- Problem to solve -
Please reproduce all of the data below exactly, leaving each picture out.

- Entries supplied -
● ● ● ●
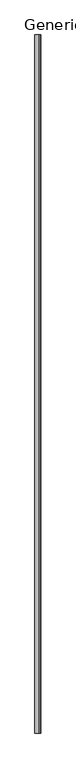
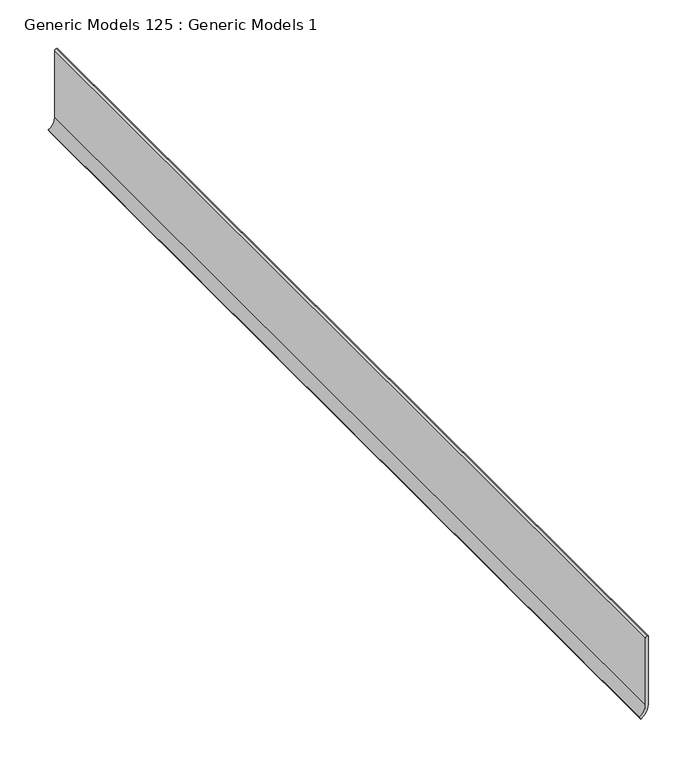
"""IFC4 building model written with IfcOpenShell, lengths in millimetres: proxy geometry, Generic Models 125 : Generic Models 1."""

from ifc_helpers import new_model, si_unit, point, frame, frame_2d, origin, place, context, project, spatial, polyline, circle_curve, trimmed, segment, composite_curve, outline, extrude, source, transform, mapped, element, save


def generic_models_125_generic_models_1_7d855ab6(model_context):
    return source(origin(), model_context, "Body", "SweptSolid", [
        extrude(outline(composite_curve([segment(polyline([(-2048.8233876, 49694.3681639), (-2048.8233876, 49693.2799657)]), True, "CONTINUOUS"), segment(trimmed(circle_curve(frame_2d((-2050.9101894, 49693.2799657)), 2.0868018), [point((-2048.8233876, 49693.2799657))], [point((-2050.9101894, 49691.1931639))], False, "CARTESIAN"), True, "CONTINUOUS"), segment(polyline([(-2050.9101894, 49691.1931639), (-2134.9737569, 49691.1931639)]), True, "CONTINUOUS"), segment(trimmed(circle_curve(frame_2d((-2134.9737569, 49676.528467)), 14.6646968), [point((-2134.9737569, 49691.1931639))], [point((-2147.6737569, 49683.8608155))], True, "CARTESIAN"), True, "CONTINUOUS"), segment(polyline([(-2147.6737569, 49683.8608155), (-2150.4233876, 49685.4483155)]), True, "CONTINUOUS"), segment(trimmed(circle_curve(frame_2d((-2134.9737569, 49676.528467)), 17.8396968), [point((-2150.4233876, 49685.4483155))], [point((-2134.9737569, 49694.3681639))], False, "CARTESIAN"), True, "CONTINUOUS"), segment(polyline([(-2134.9737569, 49694.3681639), (-2048.8233876, 49694.3681639)]), True, "CONTINUOUS")], self_intersect=False)), frame((0.0, 0.0, 0.0), z_axis=(0.0, 1.0, 0.0), x_axis=(0.0, 0.0, 1.0)), (0.0, 0.0, 1.0), 1219.2),
    ])


if __name__ == "__main__":
    model = new_model("IFC4")
    model_context = context("Model", 3, world=origin())
    ifc_project = project(units=[si_unit("LENGTHUNIT", "METRE", prefix="MILLI")], contexts=[model_context])
    site = spatial("IfcSite", under=ifc_project)
    building = spatial("IfcBuilding", under=site)
    placement = place(None, origin())
    generic_models_125_generic_models_1_shape = generic_models_125_generic_models_1_7d855ab6(model_context)
    element("IfcBuildingElementProxy", 1, Name="Generic Models 125 : Generic Models 1", ObjectType="Generic Models 125 : Generic Models 1", at=placement, inside=building, context=model_context, shape_type="MappedRepresentation", body=[
        mapped(generic_models_125_generic_models_1_shape, transform((0.0, 0.0, 0.0), x_axis=(1.0, 0.0, 0.0), y_axis=(0.0, 1.0, 0.0), z_axis=(0.0, 0.0, 1.0))),
    ])
    save(model, "model.ifc")

# Revit data of these elements
# Element 1 (IfcBuildingElementProxy, "Generic Models 125 : Generic Models 1")
#   Materials on its faces: "BASE T.B.D."
# Materials
#   "BASE T.B.D.": class "Generic", colour RGB 120 120 120, transparency 0, Cost = 0
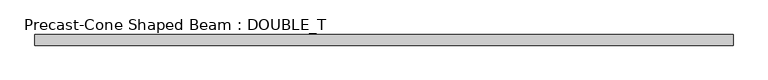
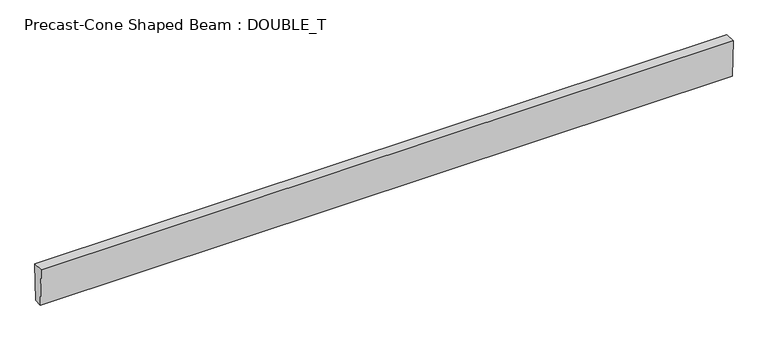
"""IFC4 building model written with IfcOpenShell, lengths in millimetres: beam geometry, Precast-Cone Shaped Beam : DOUBLE_T."""

from ifc_helpers import new_model, si_unit, frame, origin, place, context, project, spatial, polyline, outline, extrude, source, transform, mapped, element, save


def precast_cone_shaped_beam_double_t_e3fa137c(model_context):
    return source(origin(), model_context, "Body", "SweptSolid", [
        extrude(outline(polyline([(50.8, -228.6), (-50.8, -228.6), (-63.5, 228.6), (63.5, 228.6), (50.8, -228.6)])), frame((-4296.56875, 0.0, 0.0), z_axis=(1.0, 0.0, 0.0), x_axis=(0.0, 1.0, 0.0)), (0.0, 0.0, 1.0), 8318.5),
    ])


if __name__ == "__main__":
    model = new_model("IFC4")
    model_context = context("Model", 3, world=origin())
    ifc_project = project(units=[si_unit("LENGTHUNIT", "METRE", prefix="MILLI")], contexts=[model_context])
    site = spatial("IfcSite", under=ifc_project)
    building = spatial("IfcBuilding", under=site)
    placement = place(None, origin())
    precast_cone_shaped_beam_double_t_shape = precast_cone_shaped_beam_double_t_e3fa137c(model_context)
    element("IfcBeam", 1, ObjectType="Precast-Cone Shaped Beam : DOUBLE_T", at=placement, inside=building, context=model_context, shape_type="MappedRepresentation", body=[
        mapped(precast_cone_shaped_beam_double_t_shape, transform((0.0, 0.0, 0.0), x_axis=(1.0, 0.0, 0.0), y_axis=(0.0, 1.0, 0.0), z_axis=(0.0, 0.0, 1.0))),
    ])
    save(model, "model.ifc")

# Revit data of these elements
# Type "Precast-Cone Shaped Beam : DOUBLE_T"
#   Top Width = 0' - 5"
#   Tie Rod Weight [instance default] = 30
#   Tie Rod W [instance default] = 0.0660938 kip
#   Single Rebar Weight [instance default] = 50
#   Single Rebar W [instance default] = 0.110156 kip
#   Rebar Grids Weight [instance default] = 100
#   Rebar Grids W [instance default] = 0.220313 kip
#   Depth = 1' - 6"
#   Bottom Width = 0' - 4"
#   Length [instance default] = 5' - 0"
#   Structural Material [instance default] = Concrete, Precast
#   Assembly Code = ""
# Element 1 (IfcBeam, "Precast-Cone Shaped Beam : DOUBLE_T")
#   Length = 27' - 5 11/16"
#   Structural Material = Concrete - Precast Concrete - Normal Weight Concrete - 5 ksi
#   Materials on its faces: "Concrete - Precast Concrete - Normal Weight Concrete - 5 ksi"
# Materials
#   "Concrete, Precast": class "Concrete", colour RGB 198 187 187, transparency 0, Description = "Precast concrete", Cost = 0
#   "Concrete - Precast Concrete - Normal Weight Concrete - 5 ksi": class "Concrete", colour RGB 198 187 187, transparency 0, Cost = 0
● ● ● ●
- Finished exercise -
"""IFC4 building model written with IfcOpenShell, lengths in millimetres: proxy geometry, Generic Models 125 : Generic Models 1."""

from ifc_helpers import new_model, si_unit, point, frame, frame_2d, origin, place, context, project, spatial, polyline, circle_curve, trimmed, segment, composite_curve, outline, extrude, source, transform, mapped, element, save


def generic_models_125_generic_models_1_7d855ab6(model_context):
    return source(origin(), model_context, "Body", "SweptSolid", [
        extrude(outline(composite_curve([segment(polyline([(-2048.8233876, 49694.3681639), (-2048.8233876, 49693.2799657)]), True, "CONTINUOUS"), segment(trimmed(circle_curve(frame_2d((-2050.9101894, 49693.2799657)), 2.0868018), [point((-2048.8233876, 49693.2799657))], [point((-2050.9101894, 49691.1931639))], False, "CARTESIAN"), True, "CONTINUOUS"), segment(polyline([(-2050.9101894, 49691.1931639), (-2134.9737569, 49691.1931639)]), True, "CONTINUOUS"), segment(trimmed(circle_curve(frame_2d((-2134.9737569, 49676.528467)), 14.6646968), [point((-2134.9737569, 49691.1931639))], [point((-2147.6737569, 49683.8608155))], True, "CARTESIAN"), True, "CONTINUOUS"), segment(polyline([(-2147.6737569, 49683.8608155), (-2150.4233876, 49685.4483155)]), True, "CONTINUOUS"), segment(trimmed(circle_curve(frame_2d((-2134.9737569, 49676.528467)), 17.8396968), [point((-2150.4233876, 49685.4483155))], [point((-2134.9737569, 49694.3681639))], False, "CARTESIAN"), True, "CONTINUOUS"), segment(polyline([(-2134.9737569, 49694.3681639), (-2048.8233876, 49694.3681639)]), True, "CONTINUOUS")], self_intersect=False)), frame((0.0, 0.0, 0.0), z_axis=(0.0, 1.0, 0.0), x_axis=(0.0, 0.0, 1.0)), (0.0, 0.0, 1.0), 1219.2),
    ])


if __name__ == "__main__":
    model = new_model("IFC4")
    model_context = context("Model", 3, world=origin())
    ifc_project = project(units=[si_unit("LENGTHUNIT", "METRE", prefix="MILLI")], contexts=[model_context])
    site = spatial("IfcSite", under=ifc_project)
    building = spatial("IfcBuilding", under=site)
    placement = place(None, origin())
    generic_models_125_generic_models_1_shape = generic_models_125_generic_models_1_7d855ab6(model_context)
    element("IfcBuildingElementProxy", 1, Name="Generic Models 125 : Generic Models 1", ObjectType="Generic Models 125 : Generic Models 1", at=placement, inside=building, context=model_context, shape_type="MappedRepresentation", body=[
        mapped(generic_models_125_generic_models_1_shape, transform((0.0, 0.0, 0.0), x_axis=(1.0, 0.0, 0.0), y_axis=(0.0, 1.0, 0.0), z_axis=(0.0, 0.0, 1.0))),
    ])
    save(model, "model.ifc")

# Revit data of these elements
# Element 1 (IfcBuildingElementProxy, "Generic Models 125 : Generic Models 1")
#   Materials on its faces: "BASE T.B.D."
# Materials
#   "BASE T.B.D.": class "Generic", colour RGB 120 120 120, transparency 0, Cost = 0
"""IFC4 building model written with IfcOpenShell, lengths in millimetres: beam geometry, Precast-Cone Shaped Beam : DOUBLE_T."""

from ifc_helpers import new_model, si_unit, frame, origin, place, context, project, spatial, polyline, outline, extrude, source, transform, mapped, element, save


def precast_cone_shaped_beam_double_t_e3fa137c(model_context):
    return source(origin(), model_context, "Body", "SweptSolid", [
        extrude(outline(polyline([(50.8, -228.6), (-50.8, -228.6), (-63.5, 228.6), (63.5, 228.6), (50.8, -228.6)])), frame((-4296.56875, 0.0, 0.0), z_axis=(1.0, 0.0, 0.0), x_axis=(0.0, 1.0, 0.0)), (0.0, 0.0, 1.0), 8318.5),
    ])


if __name__ == "__main__":
    model = new_model("IFC4")
    model_context = context("Model", 3, world=origin())
    ifc_project = project(units=[si_unit("LENGTHUNIT", "METRE", prefix="MILLI")], contexts=[model_context])
    site = spatial("IfcSite", under=ifc_project)
    building = spatial("IfcBuilding", under=site)
    placement = place(None, origin())
    precast_cone_shaped_beam_double_t_shape = precast_cone_shaped_beam_double_t_e3fa137c(model_context)
    element("IfcBeam", 1, ObjectType="Precast-Cone Shaped Beam : DOUBLE_T", at=placement, inside=building, context=model_context, shape_type="MappedRepresentation", body=[
        mapped(precast_cone_shaped_beam_double_t_shape, transform((0.0, 0.0, 0.0), x_axis=(1.0, 0.0, 0.0), y_axis=(0.0, 1.0, 0.0), z_axis=(0.0, 0.0, 1.0))),
    ])
    save(model, "model.ifc")

# Revit data of these elements
# Type "Precast-Cone Shaped Beam : DOUBLE_T"
#   Top Width = 0' - 5"
#   Tie Rod Weight [instance default] = 30
#   Tie Rod W [instance default] = 0.0660938 kip
#   Single Rebar Weight [instance default] = 50
#   Single Rebar W [instance default] = 0.110156 kip
#   Rebar Grids Weight [instance default] = 100
#   Rebar Grids W [instance default] = 0.220313 kip
#   Depth = 1' - 6"
#   Bottom Width = 0' - 4"
#   Length [instance default] = 5' - 0"
#   Structural Material [instance default] = Concrete, Precast
#   Assembly Code = ""
# Element 1 (IfcBeam, "Precast-Cone Shaped Beam : DOUBLE_T")
#   Length = 27' - 5 11/16"
#   Structural Material = Concrete - Precast Concrete - Normal Weight Concrete - 5 ksi
#   Materials on its faces: "Concrete - Precast Concrete - Normal Weight Concrete - 5 ksi"
# Materials
#   "Concrete, Precast": class "Concrete", colour RGB 198 187 187, transparency 0, Description = "Precast concrete", Cost = 0
#   "Concrete - Precast Concrete - Normal Weight Concrete - 5 ksi": class "Concrete", colour RGB 198 187 187, transparency 0, Cost = 0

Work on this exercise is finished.